Interview écrite

Rencontre avec Annick Ventoso-Y-Font et Mireille Dubois-Bégué, auteures de « La co-intervention à l’école : une nouvelle professionnalité éducative »
25 août 2014
Posté par
Flora

Rencontre avec Annick Ventoso-Y-Font et Mireille Dubois-Bégué, auteures de « La co-intervention à l’école : une nouvelle professionnalité éducative »

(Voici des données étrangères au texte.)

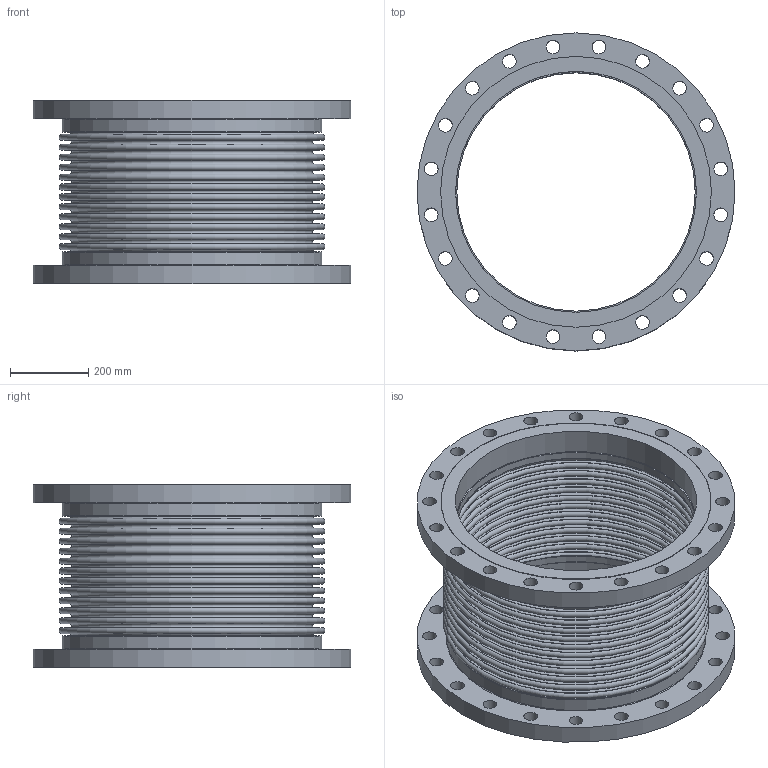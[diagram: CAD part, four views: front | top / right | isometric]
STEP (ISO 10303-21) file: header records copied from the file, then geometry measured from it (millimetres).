
FILE_DESCRIPTION(/* description */ ('EXPANSION JOINT,SINGLE, FLANGED ENDS,24 INCH','CAx-IF Rec.Pracs.---Representation and Presentation of Product Manufacturing Information (PMI)---4.0---2014-10-13'),/* implementation_level */ '2;1');
FILE_NAME(/* name */ 'US-24-12-300L-FLANGED ENDS.stp',/* time_stamp */ '2026-07-31T17:44:48-05:00',/* author */ ('Guadalupe'),/* organization */ (''),/* preprocessor_version */ 'ST-DEVELOPER v20.1',/* originating_system */ 'Autodesk Inventor 2026',/* authorisation */ '');
FILE_SCHEMA (('AP242_MANAGED_MODEL_BASED_3D_ENGINEERING_MIM_LF { 1 0 10303 442 2 1 4 }'));
Length unit declared in the file: inch
Products named in the file (3): 24-300L; 24-300L-02; 24-300L-01
Assembly tree (3 placements, depth 2):
  24-300L
    24-300L-02  x2
    24-300L-01
Bounding box: 812.8 x 812.8 x 469.9 mm (x, y, z)
Volume: 28170925.3 mm3; surface area: 5694922.9 mm2
Topology: 5 solids, 5 shells, 168 faces, 318 edges, 212 vertices
Faces by surface type: plane 62, torus 54, cylinder 52
Full cylindrical faces by diameter (mm): 34.925 x40, 609.6 x2, 615.696 x2, 615.95 x2, 663.702 x2, 692.15 x2, 812.8 x2
Entity records: 3762 total; most frequent: DIRECTION 766, CARTESIAN_POINT 561, ORIENTED_EDGE 480, AXIS2_PLACEMENT_3D 369, EDGE_CURVE 240, EDGE_LOOP 236, CIRCLE 212, VERTEX_POINT 160

Mireille_Dubois-Bégué_et_Annick_Ventoso_Y_Font_EdilivrePrésentez-nous votre ouvrage en quelques mots ?
Cet ouvrage est destiné à toutes les personnes souhaitant partager «l’acte éducatif» afin d’améliorer la prise en charge de tous les élèves. C’est un livre qui parle de professionnalité éducative. On ne peut donc le réduire ni à son approche pédagogique, ni à sa dimension didactique, ni à son approche relationnelle et psychologique mais il est tout cela à la fois. Il cherche, avant tout, à aider les professionnels à analyser et à améliorer leurs pratiques éducatives conjointes.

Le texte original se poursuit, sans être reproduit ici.